Source data
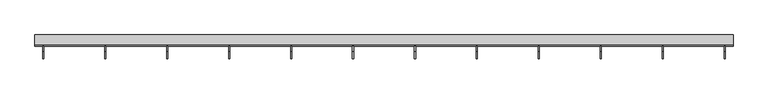
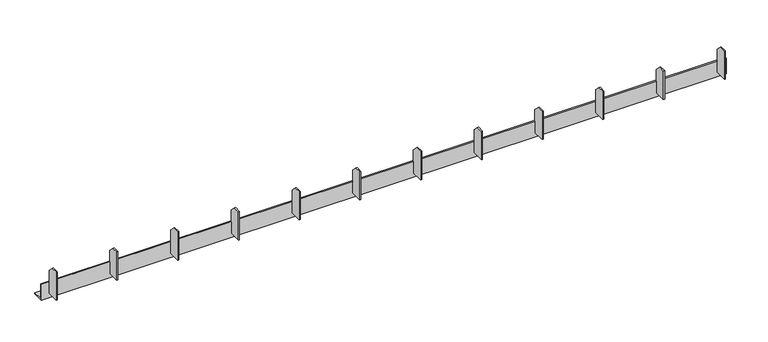
"""IFC4 building model written with IfcOpenShell, lengths in millimetres: beam geometry, NLRS_31_SF_LIB_latei geveldrager staal-AV-CWV-MMBS-SRP_gen_rsf : geveldrager_gen."""

import ifcopenshell
import ifcopenshell.guid

model = None  # the IFC model being written
_history = None  # IfcOwnerHistory: only IFC2X3 demands one
_inside = {}  # id of a spatial element -> (the spatial element, [elements in it])
_under = {}  # id of a project, library or spatial element -> (it, [spatial elements below it])
_declared = {}  # id of a project -> (the project, [libraries it declares])
_typed = {}  # id of a type object -> (the type object, [elements of that type])
_made_of = {}  # id of a material, layer set ... -> (it, [elements and type objects made of it])


def new_model(schema):
    """Start an empty IFC model of exactly this schema.

    Asked for "IFC4X3", IfcOpenShell would pick the latest addendum, in which some entities
    have other attributes; the version numbers below select the first issue.
    IFC2X3 requires an IfcOwnerHistory on every rooted entity: one is made here for all.
    """
    global model, _history
    if schema == "IFC4X3":
        model = ifcopenshell.file(schema_version=(4, 3, 0, 0))
    else:
        model = ifcopenshell.file(schema=schema)
    _inside.clear()
    _under.clear()
    _declared.clear()
    _typed.clear()
    _made_of.clear()
    _history = None
    if model.schema == "IFC2X3":
        org = make("IfcOrganization", Name="unknown")
        user = make(
            "IfcPersonAndOrganization",
            ThePerson=make("IfcPerson", FamilyName="unknown"),
            TheOrganization=org,
        )
        app = make(
            "IfcApplication",
            ApplicationDeveloper=org,
            Version="unknown",
            ApplicationFullName="unknown",
            ApplicationIdentifier="unknown",
        )
        _history = make(
            "IfcOwnerHistory",
            OwningUser=user,
            OwningApplication=app,
            ChangeAction="ADDED",
            CreationDate=0,
        )
    return model


def make(cls, **values):
    """One entity of the class cls with the attributes given. An attribute that is None is left unset."""
    return model.create_entity(
        cls, **{name: value for name, value in values.items() if value is not None}
    )


def rooted(cls, **values):
    """An entity with a GlobalId (a new one), such as an element, a storey or a relation."""
    return make(cls, GlobalId=ifcopenshell.guid.new(), OwnerHistory=_history, **values)


def si_unit(unit_type, name, prefix=None):
    """IfcSIUnit, for example si_unit("LENGTHUNIT", "METRE", prefix="MILLI")."""
    return make("IfcSIUnit", UnitType=unit_type, Prefix=prefix, Name=name)


def assignment(units):
    """IfcUnitAssignment: the units of a project."""
    return None if units is None else make("IfcUnitAssignment", Units=units)


def point(xyz):
    """IfcCartesianPoint."""
    return None if xyz is None else make("IfcCartesianPoint", Coordinates=xyz)


def direction(xyz):
    """IfcDirection."""
    return None if xyz is None else make("IfcDirection", DirectionRatios=xyz)


def frame(location, z_axis=None, x_axis=None):
    """IfcAxis2Placement3D, a coordinate frame: its origin and axes. An axis left out is left unset."""
    return make(
        "IfcAxis2Placement3D",
        Location=point(location),
        Axis=direction(z_axis),
        RefDirection=direction(x_axis),
    )


def origin():
    """The frame at (0, 0, 0) with its axes left unset."""
    return frame((0.0, 0.0, 0.0))


def place(relative_to, where):
    """IfcLocalPlacement: puts the frame where relative to a parent placement (None: the world)."""
    return make(
        "IfcLocalPlacement", PlacementRelTo=relative_to, RelativePlacement=where
    )


def context(
    kind, dimensions, precision=None, world=None, true_north=None, identifier=None
):
    """IfcGeometricRepresentationContext, for example the 3D "Model" context."""
    return make(
        "IfcGeometricRepresentationContext",
        ContextIdentifier=identifier,
        ContextType=kind,
        CoordinateSpaceDimension=dimensions,
        Precision=precision,
        WorldCoordinateSystem=world,
        TrueNorth=true_north,
    )


def project(units=None, contexts=None):
    """IfcProject with its units and contexts."""
    return rooted(
        "IfcProject",
        Name="project",
        RepresentationContexts=contexts,
        UnitsInContext=assignment(units),
    )


def spatial(cls, under=None, at=None, **own):
    """A site, building, storey or space (cls), placed at a placement, below another one or the project."""
    s = rooted(cls, ObjectPlacement=at, **own)
    if under is not None:
        _under.setdefault(under.id(), (under, []))[1].append(s)
    return s


def polyline(points):
    """IfcPolyline through the points."""
    return make("IfcPolyline", Points=[point(p) for p in points])


def outline(outer, holes=None, kind="AREA"):
    """IfcArbitraryClosedProfileDef: a profile drawn as a closed curve; with holes, ...WithVoids."""
    if holes is None:
        return make("IfcArbitraryClosedProfileDef", ProfileType=kind, OuterCurve=outer)
    return make(
        "IfcArbitraryProfileDefWithVoids",
        ProfileType=kind,
        OuterCurve=outer,
        InnerCurves=holes,
    )


def extrude(swept, where, along, depth):
    """IfcExtrudedAreaSolid: the profile swept, set in the frame where, extruded along a direction by depth."""
    return make(
        "IfcExtrudedAreaSolid",
        SweptArea=swept,
        Position=where,
        ExtrudedDirection=direction(along),
        Depth=depth,
    )


def shape(context_of_items, identifier, shape_type, items):
    """IfcShapeRepresentation: the items that make up one representation, for example the "Body"."""
    return make(
        "IfcShapeRepresentation",
        ContextOfItems=context_of_items,
        RepresentationIdentifier=identifier,
        RepresentationType=shape_type,
        Items=items,
    )


def source(mapping_origin, context_of_items, identifier, shape_type, items):
    """IfcRepresentationMap: a shape defined once, which mapped items show again and again."""
    return make(
        "IfcRepresentationMap",
        MappingOrigin=mapping_origin,
        MappedRepresentation=shape(context_of_items, identifier, shape_type, items),
    )


def transform(
    local_origin,
    x_axis=None,
    y_axis=None,
    z_axis=None,
    scale=None,
    scale2=None,
    scale3=None,
    uniform=True,
):
    """IfcCartesianTransformationOperator3D, or its non-uniform kind. x_axis, y_axis, z_axis: its Axis1, 2, 3."""
    if uniform:
        return make(
            "IfcCartesianTransformationOperator3D",
            Axis1=direction(x_axis),
            Axis2=direction(y_axis),
            LocalOrigin=point(local_origin),
            Scale=scale,
            Axis3=direction(z_axis),
        )
    return make(
        "IfcCartesianTransformationOperator3DnonUniform",
        Axis1=direction(x_axis),
        Axis2=direction(y_axis),
        LocalOrigin=point(local_origin),
        Scale=scale,
        Axis3=direction(z_axis),
        Scale2=scale2,
        Scale3=scale3,
    )


def mapped(mapping_source, mapping_target):
    """IfcMappedItem: shows the shape of a source again, moved by a transform."""
    return make(
        "IfcMappedItem", MappingSource=mapping_source, MappingTarget=mapping_target
    )


def made_of(thing, what):
    """Note that an element or type object is made of a material, layer set ...; save() writes the relation."""
    if what is not None:
        _made_of.setdefault(what.id(), (what, []))[1].append(thing)
    return thing


def element(
    cls,
    number,
    at=None,
    inside=None,
    cuts=None,
    type_object=None,
    material=None,
    context=None,
    identifier="Body",
    shape_type=None,
    held_by="IfcProductDefinitionShape",
    body=None,
    shapes=None,
    **own,
):
    """One element of the class cls, such as IfcWall. Its Tag is "e" and its number.

    at: its placement. inside: the storey or other place that contains it. cuts: it is an
    opening in that element (IfcRelVoidsElement). A single representation is given by context,
    identifier, shape_type and body (its items); several are given by shapes. held_by: the class
    of the entity that holds the representations. save() writes the other relations.
    """
    e = rooted(cls, Tag="e%d" % number, ObjectPlacement=at, **own)
    if body is not None:
        shapes = [shape(context, identifier, shape_type, body)]
    if shapes is not None:
        e.Representation = make(held_by, Representations=shapes)
    if inside is not None:
        _inside.setdefault(inside.id(), (inside, []))[1].append(e)
    if cuts is not None:
        rooted(
            "IfcRelVoidsElement", RelatingBuildingElement=cuts, RelatedOpeningElement=e
        )
    if type_object is not None:
        _typed.setdefault(type_object.id(), (type_object, []))[1].append(e)
    return made_of(e, material)


def aggregate(whole, parts):
    """IfcRelAggregates: a whole, such as a stair, and the parts it consists of."""
    return rooted("IfcRelAggregates", RelatingObject=whole, RelatedObjects=parts)


def save(model, path):
    """Write the relations noted so far, then the file.

    IfcRelAggregates (storeys below a building ...), IfcRelContainedInSpatialStructure (elements
    in a storey), IfcRelDefinesByType, IfcRelAssociatesMaterial and IfcRelDeclares: one each for
    every whole, place, type object, material and project.
    """
    for whole, parts in _under.values():
        aggregate(whole, parts)
    for where, things in _inside.values():
        rooted(
            "IfcRelContainedInSpatialStructure",
            RelatedElements=things,
            RelatingStructure=where,
        )
    for kind, things in _typed.values():
        rooted("IfcRelDefinesByType", RelatedObjects=things, RelatingType=kind)
    for what, things in _made_of.values():
        rooted("IfcRelAssociatesMaterial", RelatedObjects=things, RelatingMaterial=what)
    for by, libraries in _declared.values():
        rooted("IfcRelDeclares", RelatingContext=by, RelatedDefinitions=libraries)
    model.write(path)


def beam_0e76cdc8(model_context):
    return source(origin(), model_context, "Body", "SweptSolid", [
        extrude(outline(polyline([(-70.0, -35.0), (-180.0, -35.0), (-180.0, 235.0), (-120.0, 235.0), (-70.0, 185.0), (-70.0, -35.0)])), frame((2461.8181818, 0.0, 0.0), z_axis=(1.0, 0.0, 0.0), x_axis=(0.0, 1.0, 0.0)), (0.0, 0.0, 1.0), 10.0),
        extrude(outline(polyline([(-70.0, -35.0), (-180.0, -35.0), (-180.0, 235.0), (-120.0, 235.0), (-70.0, 185.0), (-70.0, -35.0)])), frame((1913.6363636, 0.0, 0.0), z_axis=(1.0, 0.0, 0.0), x_axis=(0.0, 1.0, 0.0)), (0.0, 0.0, 1.0), 10.0),
        extrude(outline(polyline([(-70.0, -35.0), (-180.0, -35.0), (-180.0, 235.0), (-120.0, 235.0), (-70.0, 185.0), (-70.0, -35.0)])), frame((1365.4545455, 0.0, 0.0), z_axis=(1.0, 0.0, 0.0), x_axis=(0.0, 1.0, 0.0)), (0.0, 0.0, 1.0), 10.0),
        extrude(outline(polyline([(-70.0, -35.0), (-180.0, -35.0), (-180.0, 235.0), (-120.0, 235.0), (-70.0, 185.0), (-70.0, -35.0)])), frame((817.2727273, 0.0, 0.0), z_axis=(1.0, 0.0, 0.0), x_axis=(0.0, 1.0, 0.0)), (0.0, 0.0, 1.0), 10.0),
        extrude(outline(polyline([(-70.0, -35.0), (-180.0, -35.0), (-180.0, 235.0), (-120.0, 235.0), (-70.0, 185.0), (-70.0, -35.0)])), frame((269.0909091, 0.0, 0.0), z_axis=(1.0, 0.0, 0.0), x_axis=(0.0, 1.0, 0.0)), (0.0, 0.0, 1.0), 10.0),
        extrude(outline(polyline([(-70.0, -35.0), (-180.0, -35.0), (-180.0, 235.0), (-120.0, 235.0), (-70.0, 185.0), (-70.0, -35.0)])), frame((-279.0909091, 0.0, 0.0), z_axis=(1.0, 0.0, 0.0), x_axis=(0.0, 1.0, 0.0)), (0.0, 0.0, 1.0), 10.0),
        extrude(outline(polyline([(-70.0, -35.0), (-180.0, -35.0), (-180.0, 235.0), (-120.0, 235.0), (-70.0, 185.0), (-70.0, -35.0)])), frame((-827.2727273, 0.0, 0.0), z_axis=(1.0, 0.0, 0.0), x_axis=(0.0, 1.0, 0.0)), (0.0, 0.0, 1.0), 10.0),
        extrude(outline(polyline([(-70.0, -35.0), (-180.0, -35.0), (-180.0, 235.0), (-120.0, 235.0), (-70.0, 185.0), (-70.0, -35.0)])), frame((-1375.4545455, 0.0, 0.0), z_axis=(1.0, 0.0, 0.0), x_axis=(0.0, 1.0, 0.0)), (0.0, 0.0, 1.0), 10.0),
        extrude(outline(polyline([(-70.0, -35.0), (-180.0, -35.0), (-180.0, 235.0), (-120.0, 235.0), (-70.0, 185.0), (-70.0, -35.0)])), frame((-1923.6363636, 0.0, 0.0), z_axis=(1.0, 0.0, 0.0), x_axis=(0.0, 1.0, 0.0)), (0.0, 0.0, 1.0), 10.0),
        extrude(outline(polyline([(-70.0, -35.0), (-180.0, -35.0), (-180.0, 235.0), (-120.0, 235.0), (-70.0, 185.0), (-70.0, -35.0)])), frame((-2471.8181818, 0.0, 0.0), z_axis=(1.0, 0.0, 0.0), x_axis=(0.0, 1.0, 0.0)), (0.0, 0.0, 1.0), 10.0),
        extrude(outline(polyline([(-70.0, -35.0), (-180.0, -35.0), (-180.0, 235.0), (-120.0, 235.0), (-70.0, 185.0), (-70.0, -35.0)])), frame((3010.0, 0.0, 0.0), z_axis=(1.0, 0.0, 0.0), x_axis=(0.0, 1.0, 0.0)), (0.0, 0.0, 1.0), 10.0),
        extrude(outline(polyline([(-70.0, -35.0), (-180.0, -35.0), (-180.0, 235.0), (-120.0, 235.0), (-70.0, 185.0), (-70.0, -35.0)])), frame((-3020.0, 0.0, 0.0), z_axis=(1.0, 0.0, 0.0), x_axis=(0.0, 1.0, 0.0)), (0.0, 0.0, 1.0), 10.0),
        extrude(outline(polyline([(-70.0, -75.0), (-70.0, 75.0), (-60.0, 75.0), (-60.0, -65.0), (30.0, -65.0), (30.0, -75.0), (-70.0, -75.0)])), frame((-3090.0, 0.0, 0.0), z_axis=(1.0, 0.0, 0.0), x_axis=(0.0, 1.0, 0.0)), (0.0, 0.0, 1.0), 6180.0),
    ])


if __name__ == "__main__":
    model = new_model("IFC4")
    model_context = context("Model", 3, world=origin())
    ifc_project = project(units=[si_unit("LENGTHUNIT", "METRE", prefix="MILLI")], contexts=[model_context])
    site = spatial("IfcSite", under=ifc_project)
    building = spatial("IfcBuilding", under=site)
    placement = place(None, origin())
    beam_shape = beam_0e76cdc8(model_context)
    element("IfcBeam", 1, ObjectType="NLRS_31_SF_LIB_latei geveldrager staal-AV-CWV-MMBS-SRP_gen_rsf : geveldrager_gen", at=placement, inside=building, context=model_context, shape_type="MappedRepresentation", body=[
        mapped(beam_shape, transform((0.0, 0.0, 0.0), x_axis=(1.0, 0.0, 0.0), y_axis=(0.0, 1.0, 0.0), z_axis=(0.0, 0.0, 1.0))),
    ])
    save(model, "model.ifc")

# Revit data of these elements
# Type "NLRS_31_SF_LIB_latei geveldrager staal-AV-CWV-MMBS-SRP_gen_rsf : geveldrager_gen"
#   Type IfcGUID = "19kvldyMP0rwUi5k27wrdj"
#   IfcExportAs = "IfcBeamType"
#   Type Comments = "geveldrager"
#   Model = "LOD200"
#   Description = "geveldrager vlgs leverancier"
#   Assembly Code = "31.10"
#   spouw_diepte [instance default] = 140 mm
#   hart_metselwerk [instance default] = 190 mm
#   r = 13 mm
#   console_hoogte [instance default] = 270 mm
#   console_eindafstand [instance default] = 75 mm
#   console_breedte [instance default] = 110 mm
#   console_beginafstand [instance default] = 75 mm
#   onderzijde_metselwerk_vanaf_vloer [instance default] = 300 mm
#   consoles_hoh [instance default] = 1000 mm
#   NLRS_C_lengte [instance default] = 1500 mm
#   Length [instance default] = 1500 mm
#   b = 100 mm
#   h = 150 mm
#   t = 10 mm
#   x = 70 mm
#   y = 75 mm
#   aantal [instance default] = 2
#   LOD300 = no
#   LOD200 = yes
#   Structural Material = NLRS_h2_staal_gen_rsf
# Element 1 (IfcBeam, "NLRS_31_SF_LIB_latei geveldrager staal-AV-CWV-MMBS-SRP_gen_rsf : geveldrager_gen")
#   consoles_hoh = 500 mm
#   NLRS_C_lengte = 6200 mm
#   aantal = 12
#   Materials on its faces: "NLRS_h2_staal_gen_rsf"
# Materials
#   "NLRS_h2_staal_gen_rsf": class "H - Metaal", colour RGB 189 187 185, transparency 0, Keynote = "h2", Manufacturer = "Revit Standards Foundation", URL = "www.revitstandards.org", Description = "staal", Cost = 0

§ **Your instructions**:
Please output exactly the lines of the data above, from its first line through the line with "[elements in it])", and nothing else; drop the pictures.

§ **Output of the task**:
"""IFC4 building model written with IfcOpenShell, lengths in millimetres: beam geometry, NLRS_31_SF_LIB_latei geveldrager staal-AV-CWV-MMBS-SRP_gen_rsf : geveldrager_gen."""

import ifcopenshell
import ifcopenshell.guid

model = None  # the IFC model being written
_history = None  # IfcOwnerHistory: only IFC2X3 demands one
_inside = {}  # id of a spatial element -> (the spatial element, [elements in it])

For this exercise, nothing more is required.